G4 Stream results (partially experimental)

From: Craig Armour (Craig.Armour@ausbit.com.au)
Date: Tue Sep 17 2002 - 22:50:04 CDT

Next message: Wei Lin and Norbert Juffa: "STREAM results for Pentium4 @ 2.8 GHz with PC1066 RDRAM"

Previous message: Mikhail Kuzminsky: "new STREAM results"
Messages sorted by: [ date ] [ thread ] [ subject ] [ author ] [ attachment ]

Hi,

I have some results for stream on the G4 450mhz Dual proc system (
standard apple ) uname of my box is as follows

Linux formaldehyde 2.4.19 #11 SMP Sun Sep 8 09:14:19 EST 2002 ppc unknown

stats:
2xG4@450mhz
128mb ram

The results I have are better than the ones currently listed, but not
necssarily mind blowing. I've also attached the source to the pthread
code used to obtain the mp information.

My code isn't the best but not sure for the crappy performance compared
to the other stats on your page.
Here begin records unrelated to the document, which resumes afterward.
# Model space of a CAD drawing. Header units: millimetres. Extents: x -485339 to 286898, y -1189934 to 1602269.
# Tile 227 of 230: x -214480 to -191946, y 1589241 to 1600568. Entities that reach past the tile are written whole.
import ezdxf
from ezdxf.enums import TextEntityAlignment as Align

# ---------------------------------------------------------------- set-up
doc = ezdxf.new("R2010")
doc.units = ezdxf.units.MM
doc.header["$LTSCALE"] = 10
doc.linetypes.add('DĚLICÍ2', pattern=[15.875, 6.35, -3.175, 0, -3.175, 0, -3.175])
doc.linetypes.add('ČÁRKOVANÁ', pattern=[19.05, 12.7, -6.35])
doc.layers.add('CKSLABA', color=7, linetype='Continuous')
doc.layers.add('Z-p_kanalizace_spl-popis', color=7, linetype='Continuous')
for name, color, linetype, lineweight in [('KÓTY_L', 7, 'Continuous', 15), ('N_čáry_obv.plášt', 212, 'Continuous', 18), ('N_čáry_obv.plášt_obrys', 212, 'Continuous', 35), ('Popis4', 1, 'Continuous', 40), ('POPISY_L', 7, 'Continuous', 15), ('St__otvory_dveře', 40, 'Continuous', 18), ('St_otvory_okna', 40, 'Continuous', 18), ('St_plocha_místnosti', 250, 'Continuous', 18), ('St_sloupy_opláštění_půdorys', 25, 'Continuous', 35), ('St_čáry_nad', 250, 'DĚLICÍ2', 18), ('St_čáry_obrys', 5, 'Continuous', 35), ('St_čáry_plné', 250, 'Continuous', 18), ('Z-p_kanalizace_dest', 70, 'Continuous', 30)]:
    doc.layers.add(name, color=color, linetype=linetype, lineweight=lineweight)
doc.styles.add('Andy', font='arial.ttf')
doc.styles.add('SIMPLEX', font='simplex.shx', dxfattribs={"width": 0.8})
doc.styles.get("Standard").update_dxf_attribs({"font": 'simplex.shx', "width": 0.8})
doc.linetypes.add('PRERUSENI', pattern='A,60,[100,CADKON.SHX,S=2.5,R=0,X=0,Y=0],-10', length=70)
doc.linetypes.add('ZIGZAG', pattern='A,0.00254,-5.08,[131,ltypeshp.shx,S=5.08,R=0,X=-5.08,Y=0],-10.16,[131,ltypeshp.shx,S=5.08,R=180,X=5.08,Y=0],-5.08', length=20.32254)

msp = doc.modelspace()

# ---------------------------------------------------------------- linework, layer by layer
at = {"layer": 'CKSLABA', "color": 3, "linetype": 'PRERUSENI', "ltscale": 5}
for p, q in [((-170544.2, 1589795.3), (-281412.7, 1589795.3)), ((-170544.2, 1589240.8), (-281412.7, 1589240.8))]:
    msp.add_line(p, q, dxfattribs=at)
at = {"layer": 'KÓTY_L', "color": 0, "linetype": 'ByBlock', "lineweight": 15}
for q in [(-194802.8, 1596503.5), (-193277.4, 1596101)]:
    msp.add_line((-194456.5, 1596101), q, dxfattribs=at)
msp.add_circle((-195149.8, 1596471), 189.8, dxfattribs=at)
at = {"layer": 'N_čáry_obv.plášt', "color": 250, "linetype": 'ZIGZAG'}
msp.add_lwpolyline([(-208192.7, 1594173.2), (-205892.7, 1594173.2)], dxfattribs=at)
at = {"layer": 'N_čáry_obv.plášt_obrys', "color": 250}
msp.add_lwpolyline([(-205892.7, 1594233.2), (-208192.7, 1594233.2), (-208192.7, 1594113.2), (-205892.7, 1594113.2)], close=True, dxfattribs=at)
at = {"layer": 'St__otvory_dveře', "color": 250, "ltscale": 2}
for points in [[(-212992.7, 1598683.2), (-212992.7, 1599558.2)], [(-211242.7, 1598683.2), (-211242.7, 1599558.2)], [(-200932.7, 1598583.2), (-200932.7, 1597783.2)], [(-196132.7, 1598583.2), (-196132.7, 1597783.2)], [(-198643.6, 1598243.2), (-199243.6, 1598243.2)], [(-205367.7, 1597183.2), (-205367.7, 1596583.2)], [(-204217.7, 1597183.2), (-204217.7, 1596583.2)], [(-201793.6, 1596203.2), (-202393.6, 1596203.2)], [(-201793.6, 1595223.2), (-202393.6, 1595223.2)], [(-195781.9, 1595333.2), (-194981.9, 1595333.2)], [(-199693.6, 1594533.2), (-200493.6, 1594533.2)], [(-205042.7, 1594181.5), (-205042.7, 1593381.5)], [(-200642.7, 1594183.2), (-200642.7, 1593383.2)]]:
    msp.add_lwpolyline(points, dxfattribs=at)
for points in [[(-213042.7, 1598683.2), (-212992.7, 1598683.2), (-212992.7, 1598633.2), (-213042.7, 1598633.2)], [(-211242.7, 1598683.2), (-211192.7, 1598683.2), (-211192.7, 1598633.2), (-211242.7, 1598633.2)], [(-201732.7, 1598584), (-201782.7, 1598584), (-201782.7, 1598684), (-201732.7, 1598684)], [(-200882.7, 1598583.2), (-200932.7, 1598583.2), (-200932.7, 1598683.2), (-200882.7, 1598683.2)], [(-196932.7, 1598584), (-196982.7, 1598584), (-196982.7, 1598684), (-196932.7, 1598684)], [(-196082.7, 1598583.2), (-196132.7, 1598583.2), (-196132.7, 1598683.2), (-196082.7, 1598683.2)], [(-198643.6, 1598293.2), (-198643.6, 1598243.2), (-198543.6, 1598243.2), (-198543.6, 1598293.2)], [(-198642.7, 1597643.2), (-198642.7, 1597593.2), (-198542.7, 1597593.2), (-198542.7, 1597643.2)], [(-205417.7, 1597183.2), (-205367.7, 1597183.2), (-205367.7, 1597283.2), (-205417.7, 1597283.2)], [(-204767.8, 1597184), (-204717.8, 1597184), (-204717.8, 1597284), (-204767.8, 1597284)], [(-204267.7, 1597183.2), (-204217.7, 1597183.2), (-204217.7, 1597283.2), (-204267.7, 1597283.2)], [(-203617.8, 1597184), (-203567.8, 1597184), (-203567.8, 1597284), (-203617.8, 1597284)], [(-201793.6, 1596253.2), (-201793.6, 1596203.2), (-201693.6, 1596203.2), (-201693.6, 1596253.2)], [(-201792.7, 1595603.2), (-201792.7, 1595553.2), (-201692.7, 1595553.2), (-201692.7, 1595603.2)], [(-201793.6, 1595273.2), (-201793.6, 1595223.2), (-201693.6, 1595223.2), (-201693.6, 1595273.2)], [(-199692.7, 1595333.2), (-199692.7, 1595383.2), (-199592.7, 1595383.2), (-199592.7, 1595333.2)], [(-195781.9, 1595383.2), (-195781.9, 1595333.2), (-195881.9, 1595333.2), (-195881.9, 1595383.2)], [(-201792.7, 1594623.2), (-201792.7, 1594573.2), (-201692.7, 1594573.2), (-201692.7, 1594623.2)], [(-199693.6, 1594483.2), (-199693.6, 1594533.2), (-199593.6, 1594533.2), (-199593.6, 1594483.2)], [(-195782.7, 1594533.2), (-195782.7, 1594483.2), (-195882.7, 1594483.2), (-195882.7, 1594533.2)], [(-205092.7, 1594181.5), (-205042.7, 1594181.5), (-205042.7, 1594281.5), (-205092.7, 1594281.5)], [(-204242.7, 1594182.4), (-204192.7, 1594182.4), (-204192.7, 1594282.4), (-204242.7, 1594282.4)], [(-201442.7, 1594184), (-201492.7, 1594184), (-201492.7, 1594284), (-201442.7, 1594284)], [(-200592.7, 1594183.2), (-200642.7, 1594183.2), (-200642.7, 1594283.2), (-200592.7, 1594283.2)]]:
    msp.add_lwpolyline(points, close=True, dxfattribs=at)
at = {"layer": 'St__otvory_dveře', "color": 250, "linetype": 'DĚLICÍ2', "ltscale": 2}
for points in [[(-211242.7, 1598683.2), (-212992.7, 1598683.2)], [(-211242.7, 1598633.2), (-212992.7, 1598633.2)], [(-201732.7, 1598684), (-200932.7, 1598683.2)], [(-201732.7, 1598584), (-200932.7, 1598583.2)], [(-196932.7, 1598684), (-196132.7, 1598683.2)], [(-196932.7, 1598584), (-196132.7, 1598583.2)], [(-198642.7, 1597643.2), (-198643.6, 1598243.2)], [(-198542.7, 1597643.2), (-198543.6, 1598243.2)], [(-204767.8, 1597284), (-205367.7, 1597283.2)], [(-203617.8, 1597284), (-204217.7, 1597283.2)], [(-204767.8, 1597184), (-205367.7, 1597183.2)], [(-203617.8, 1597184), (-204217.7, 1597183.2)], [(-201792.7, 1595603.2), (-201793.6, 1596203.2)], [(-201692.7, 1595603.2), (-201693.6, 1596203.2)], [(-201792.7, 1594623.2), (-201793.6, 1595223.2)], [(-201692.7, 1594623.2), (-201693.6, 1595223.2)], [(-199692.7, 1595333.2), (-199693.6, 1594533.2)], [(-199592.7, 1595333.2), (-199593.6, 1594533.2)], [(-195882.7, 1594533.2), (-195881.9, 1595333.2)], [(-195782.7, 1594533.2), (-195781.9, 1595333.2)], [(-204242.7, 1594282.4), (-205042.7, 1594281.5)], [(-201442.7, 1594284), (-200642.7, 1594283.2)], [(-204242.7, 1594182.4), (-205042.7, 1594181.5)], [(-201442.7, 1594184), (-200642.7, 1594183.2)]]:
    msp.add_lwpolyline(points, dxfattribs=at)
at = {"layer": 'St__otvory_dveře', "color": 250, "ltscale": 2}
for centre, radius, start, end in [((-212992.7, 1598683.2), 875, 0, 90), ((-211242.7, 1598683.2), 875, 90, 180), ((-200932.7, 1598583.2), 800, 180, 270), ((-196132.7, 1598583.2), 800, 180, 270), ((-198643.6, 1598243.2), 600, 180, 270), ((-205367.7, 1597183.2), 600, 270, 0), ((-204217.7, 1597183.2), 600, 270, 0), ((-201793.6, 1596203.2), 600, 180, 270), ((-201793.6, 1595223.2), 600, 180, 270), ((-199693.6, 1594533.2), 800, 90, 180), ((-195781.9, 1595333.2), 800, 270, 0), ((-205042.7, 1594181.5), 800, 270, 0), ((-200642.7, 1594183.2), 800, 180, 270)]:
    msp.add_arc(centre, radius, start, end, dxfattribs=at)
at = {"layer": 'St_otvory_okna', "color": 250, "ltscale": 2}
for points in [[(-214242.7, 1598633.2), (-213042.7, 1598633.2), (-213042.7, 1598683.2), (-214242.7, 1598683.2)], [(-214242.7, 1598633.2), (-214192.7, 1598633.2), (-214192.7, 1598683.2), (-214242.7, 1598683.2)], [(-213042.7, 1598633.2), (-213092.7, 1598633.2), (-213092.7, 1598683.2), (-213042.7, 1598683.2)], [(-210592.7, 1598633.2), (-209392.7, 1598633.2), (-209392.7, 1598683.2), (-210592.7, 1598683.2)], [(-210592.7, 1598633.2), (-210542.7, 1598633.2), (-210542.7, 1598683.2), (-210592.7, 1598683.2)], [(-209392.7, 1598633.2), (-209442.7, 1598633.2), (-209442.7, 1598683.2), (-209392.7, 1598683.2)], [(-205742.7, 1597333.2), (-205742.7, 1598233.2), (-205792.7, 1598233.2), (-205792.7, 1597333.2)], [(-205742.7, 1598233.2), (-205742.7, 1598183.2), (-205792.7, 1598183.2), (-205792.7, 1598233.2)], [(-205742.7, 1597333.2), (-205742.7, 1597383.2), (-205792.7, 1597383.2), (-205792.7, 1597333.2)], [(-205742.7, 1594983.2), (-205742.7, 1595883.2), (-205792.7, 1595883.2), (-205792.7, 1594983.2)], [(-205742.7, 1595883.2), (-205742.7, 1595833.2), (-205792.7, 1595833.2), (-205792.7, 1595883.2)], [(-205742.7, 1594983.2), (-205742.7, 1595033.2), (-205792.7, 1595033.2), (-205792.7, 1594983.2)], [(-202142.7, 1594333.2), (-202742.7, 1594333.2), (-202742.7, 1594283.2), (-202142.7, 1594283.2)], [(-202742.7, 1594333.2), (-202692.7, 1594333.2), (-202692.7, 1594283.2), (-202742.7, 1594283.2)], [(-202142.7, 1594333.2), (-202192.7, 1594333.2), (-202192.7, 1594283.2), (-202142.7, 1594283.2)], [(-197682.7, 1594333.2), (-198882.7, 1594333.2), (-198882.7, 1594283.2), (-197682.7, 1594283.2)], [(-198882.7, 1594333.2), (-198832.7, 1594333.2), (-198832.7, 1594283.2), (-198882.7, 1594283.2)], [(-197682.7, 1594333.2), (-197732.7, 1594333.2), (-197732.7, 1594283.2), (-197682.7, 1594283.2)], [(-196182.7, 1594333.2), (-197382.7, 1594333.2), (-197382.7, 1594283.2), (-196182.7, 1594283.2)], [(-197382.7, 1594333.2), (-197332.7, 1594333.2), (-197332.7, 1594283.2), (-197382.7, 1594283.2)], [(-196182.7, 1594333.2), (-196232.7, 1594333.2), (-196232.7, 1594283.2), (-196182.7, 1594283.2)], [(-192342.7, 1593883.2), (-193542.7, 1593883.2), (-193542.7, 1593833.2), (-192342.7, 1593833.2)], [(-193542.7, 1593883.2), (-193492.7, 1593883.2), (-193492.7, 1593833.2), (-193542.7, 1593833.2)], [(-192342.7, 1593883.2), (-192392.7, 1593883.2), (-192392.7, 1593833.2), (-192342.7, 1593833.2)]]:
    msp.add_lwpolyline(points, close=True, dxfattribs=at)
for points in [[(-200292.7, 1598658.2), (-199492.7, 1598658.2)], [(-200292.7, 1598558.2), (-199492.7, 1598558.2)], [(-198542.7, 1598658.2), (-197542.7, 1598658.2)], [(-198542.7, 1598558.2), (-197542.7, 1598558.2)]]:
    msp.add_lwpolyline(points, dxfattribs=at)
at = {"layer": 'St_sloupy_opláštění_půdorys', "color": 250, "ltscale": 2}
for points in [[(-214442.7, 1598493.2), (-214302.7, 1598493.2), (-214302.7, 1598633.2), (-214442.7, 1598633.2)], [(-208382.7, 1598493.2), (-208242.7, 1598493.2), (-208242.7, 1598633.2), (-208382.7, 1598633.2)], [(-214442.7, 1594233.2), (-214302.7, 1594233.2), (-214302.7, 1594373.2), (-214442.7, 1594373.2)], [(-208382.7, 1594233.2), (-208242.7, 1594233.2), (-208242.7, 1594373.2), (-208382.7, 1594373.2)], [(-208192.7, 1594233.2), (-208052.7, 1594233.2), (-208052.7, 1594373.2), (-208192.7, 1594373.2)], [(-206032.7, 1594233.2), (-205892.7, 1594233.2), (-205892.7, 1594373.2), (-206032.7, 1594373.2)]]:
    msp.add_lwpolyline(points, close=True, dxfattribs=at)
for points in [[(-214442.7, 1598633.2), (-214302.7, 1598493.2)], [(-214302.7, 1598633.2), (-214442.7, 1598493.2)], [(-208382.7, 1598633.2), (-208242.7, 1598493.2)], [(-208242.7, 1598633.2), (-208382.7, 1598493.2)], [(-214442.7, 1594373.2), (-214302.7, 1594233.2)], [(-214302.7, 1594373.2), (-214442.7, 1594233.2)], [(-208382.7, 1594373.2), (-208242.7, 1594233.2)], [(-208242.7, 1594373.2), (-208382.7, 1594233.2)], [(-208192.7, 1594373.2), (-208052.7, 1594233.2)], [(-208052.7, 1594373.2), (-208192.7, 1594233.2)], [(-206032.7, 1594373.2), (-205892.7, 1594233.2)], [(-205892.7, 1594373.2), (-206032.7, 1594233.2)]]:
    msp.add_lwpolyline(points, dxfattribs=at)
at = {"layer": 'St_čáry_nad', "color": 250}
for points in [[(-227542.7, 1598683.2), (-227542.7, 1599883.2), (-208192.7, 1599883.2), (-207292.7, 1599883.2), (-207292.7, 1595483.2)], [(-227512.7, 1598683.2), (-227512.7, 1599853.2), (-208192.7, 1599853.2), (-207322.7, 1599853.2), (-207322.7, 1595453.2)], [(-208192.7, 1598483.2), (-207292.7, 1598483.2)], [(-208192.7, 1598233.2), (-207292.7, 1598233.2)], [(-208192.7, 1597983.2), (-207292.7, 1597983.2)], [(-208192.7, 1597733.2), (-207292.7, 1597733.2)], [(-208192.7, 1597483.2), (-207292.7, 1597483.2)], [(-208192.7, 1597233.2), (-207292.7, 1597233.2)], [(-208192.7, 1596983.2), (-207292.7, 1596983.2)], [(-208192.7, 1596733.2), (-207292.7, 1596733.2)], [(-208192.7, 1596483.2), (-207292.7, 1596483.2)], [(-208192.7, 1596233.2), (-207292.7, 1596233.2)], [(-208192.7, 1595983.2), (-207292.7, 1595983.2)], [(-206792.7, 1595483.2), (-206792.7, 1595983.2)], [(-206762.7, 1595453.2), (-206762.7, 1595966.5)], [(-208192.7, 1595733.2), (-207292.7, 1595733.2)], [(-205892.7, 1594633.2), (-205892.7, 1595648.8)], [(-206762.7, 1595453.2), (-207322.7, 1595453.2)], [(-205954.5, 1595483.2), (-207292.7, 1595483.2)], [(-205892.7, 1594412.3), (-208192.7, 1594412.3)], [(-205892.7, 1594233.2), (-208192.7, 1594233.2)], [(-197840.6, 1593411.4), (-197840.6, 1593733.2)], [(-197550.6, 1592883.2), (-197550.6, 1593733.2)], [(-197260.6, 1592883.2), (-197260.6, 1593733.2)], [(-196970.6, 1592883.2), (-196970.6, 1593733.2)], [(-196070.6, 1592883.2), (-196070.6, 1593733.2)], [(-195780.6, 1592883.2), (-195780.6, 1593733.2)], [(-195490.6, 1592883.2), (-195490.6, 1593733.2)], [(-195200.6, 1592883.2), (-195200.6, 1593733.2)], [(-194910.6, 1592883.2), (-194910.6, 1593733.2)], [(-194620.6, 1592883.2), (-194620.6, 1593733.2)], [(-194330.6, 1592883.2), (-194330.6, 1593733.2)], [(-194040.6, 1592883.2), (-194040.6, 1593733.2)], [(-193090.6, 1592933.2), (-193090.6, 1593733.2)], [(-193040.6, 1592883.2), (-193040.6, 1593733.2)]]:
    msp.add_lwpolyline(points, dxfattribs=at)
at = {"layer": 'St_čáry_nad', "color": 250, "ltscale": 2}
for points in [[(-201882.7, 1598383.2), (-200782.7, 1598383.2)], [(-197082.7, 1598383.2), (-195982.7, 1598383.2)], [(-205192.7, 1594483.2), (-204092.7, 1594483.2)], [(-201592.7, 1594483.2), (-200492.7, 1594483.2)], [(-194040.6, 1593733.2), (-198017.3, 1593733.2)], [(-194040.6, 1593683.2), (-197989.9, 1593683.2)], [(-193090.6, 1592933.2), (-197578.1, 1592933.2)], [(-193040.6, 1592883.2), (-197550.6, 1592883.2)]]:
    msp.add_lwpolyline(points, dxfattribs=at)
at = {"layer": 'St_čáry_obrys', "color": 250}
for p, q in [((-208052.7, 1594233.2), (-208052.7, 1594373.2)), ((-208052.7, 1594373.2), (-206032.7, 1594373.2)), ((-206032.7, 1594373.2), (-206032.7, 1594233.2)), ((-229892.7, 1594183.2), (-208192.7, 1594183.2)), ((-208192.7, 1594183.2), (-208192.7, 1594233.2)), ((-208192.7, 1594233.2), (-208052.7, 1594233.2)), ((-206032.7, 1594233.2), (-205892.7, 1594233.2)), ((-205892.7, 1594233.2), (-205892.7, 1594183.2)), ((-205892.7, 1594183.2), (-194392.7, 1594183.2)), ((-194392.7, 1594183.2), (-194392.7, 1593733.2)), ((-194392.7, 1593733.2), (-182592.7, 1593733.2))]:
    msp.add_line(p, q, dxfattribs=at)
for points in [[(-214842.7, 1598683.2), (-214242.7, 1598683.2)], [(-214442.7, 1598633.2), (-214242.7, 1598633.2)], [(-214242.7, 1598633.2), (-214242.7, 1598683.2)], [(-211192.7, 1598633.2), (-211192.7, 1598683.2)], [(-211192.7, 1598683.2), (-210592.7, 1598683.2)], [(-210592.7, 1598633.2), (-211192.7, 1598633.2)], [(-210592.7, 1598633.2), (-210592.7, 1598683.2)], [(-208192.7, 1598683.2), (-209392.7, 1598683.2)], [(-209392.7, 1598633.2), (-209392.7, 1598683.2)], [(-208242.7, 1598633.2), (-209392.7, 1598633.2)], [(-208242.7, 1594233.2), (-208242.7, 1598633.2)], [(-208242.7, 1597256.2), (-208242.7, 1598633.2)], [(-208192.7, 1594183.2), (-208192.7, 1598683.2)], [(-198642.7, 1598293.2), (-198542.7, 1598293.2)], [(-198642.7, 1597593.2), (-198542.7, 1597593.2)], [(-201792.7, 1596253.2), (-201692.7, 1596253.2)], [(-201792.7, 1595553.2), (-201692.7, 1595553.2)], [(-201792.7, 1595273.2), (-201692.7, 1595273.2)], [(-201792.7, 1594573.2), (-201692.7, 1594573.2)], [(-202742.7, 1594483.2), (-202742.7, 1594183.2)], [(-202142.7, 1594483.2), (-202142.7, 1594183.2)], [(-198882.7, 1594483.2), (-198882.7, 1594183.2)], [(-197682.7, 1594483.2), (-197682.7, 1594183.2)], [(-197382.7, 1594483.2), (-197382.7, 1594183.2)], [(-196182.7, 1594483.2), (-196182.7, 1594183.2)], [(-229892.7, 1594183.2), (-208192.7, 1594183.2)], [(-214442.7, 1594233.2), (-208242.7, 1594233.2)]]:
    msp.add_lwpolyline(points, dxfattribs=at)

Perhaps the unified l2 cache doesn't
go well with the multi threading and you get a bit more cache thrashing
than prefered *shrug*. Also, gcc probably isn't the best compiler but
I'd be interested in comparing the code the other guys got from their
compilers to the code gcc produces

Cheers
Craig

text/x-csrc attachment: stream.c

craig@formaldehyde:~/src$ ./stream
-------------------------------------------------------------
This system uses 8 bytes per DOUBLE PRECISION word.
-------------------------------------------------------------
Array size = 400000, Offset = 0
Total memory required = 9.2 MB.
Each test is run 10 times, but only
the *best* time for each is used.
-------------------------------------------------------------
Your clock granularity/precision appears to be 1 microseconds.
Each test below will take on the order of 11773 microseconds.
   (= 11773 clock ticks)
   Increase the size of the arrays if this shows that
   you are not getting at least 20 clock ticks per test.
   -------------------------------------------------------------
   WARNING -- The above is only a rough guideline.
   For best results, please be sure you know the
   precision of your system timer.
   -------------------------------------------------------------
   Function Rate (MB/s) RMS time Min time Max time
   Copy: 298.4938 0.0217 0.0214 0.0226
   Scale: 297.9653 0.0218 0.0215 0.0219
   Add: 321.1885 0.0299 0.0299 0.0301
   Triad: 327.1542 0.0297 0.0293 0.0298

craig@formaldehyde:~/src$ /export/local/bin/gcc -O3 -funroll-loops -fprefetch-loop-arrays -mcpu=604 -lm -o stream second_wall.c stream_d.c

craig@formaldehyde:~/src$ /export/local/bin/gcc -O3 -funroll-loops -fprefetch-loop-arrays -mcpu=604 -pthread -lm -o stream_mp second_wall.c stream.c

craig@formaldehyde:~/src$ /usr/bin/time ./stream_mp
-------------------------------------------------------------
This system uses 8 bytes per DOUBLE PRECISION word.
-------------------------------------------------------------
Array size = 400000, Offset = 0
Total memory required = 9.2 MB.
Each test is run 10 times, but only
the *best* time for each is used.
-------------------------------------------------------------
Your clock granularity/precision appears to be 2 microseconds.
Each test below will take on the order of 11355 microseconds.
   (= 5677 clock ticks)
   Increase the size of the arrays if this shows that
   you are not getting at least 20 clock ticks per test.
   -------------------------------------------------------------
   WARNING -- The above is only a rough guideline.
   For best results, please be sure you know the
   precision of your system timer.
   -------------------------------------------------------------
   Function Rate (MB/s) RMS time Min time Max time
   Copy: 338.8759 0.0194 0.0189 0.0212
   Scale: 325.3191 0.0201 0.0197 0.0212
   Add: 341.7224 0.0284 0.0281 0.0286
   Triad: 340.4137 0.0283 0.0282 0.0285

   1.89user 0.09system 0:01.05elapsed 188%CPU (0avgtext+0avgdata 0maxresident)k
   0inputs+0outputs (179major+2438minor)pagefaults 0swaps

Next message: Wei Lin and Norbert Juffa: "STREAM results for Pentium4 @ 2.8 GHz with PC1066 RDRAM"
Previous message: Mikhail Kuzminsky: "new STREAM results"
Messages sorted by: [ date ] [ thread ] [ subject ] [ author ] [ attachment ]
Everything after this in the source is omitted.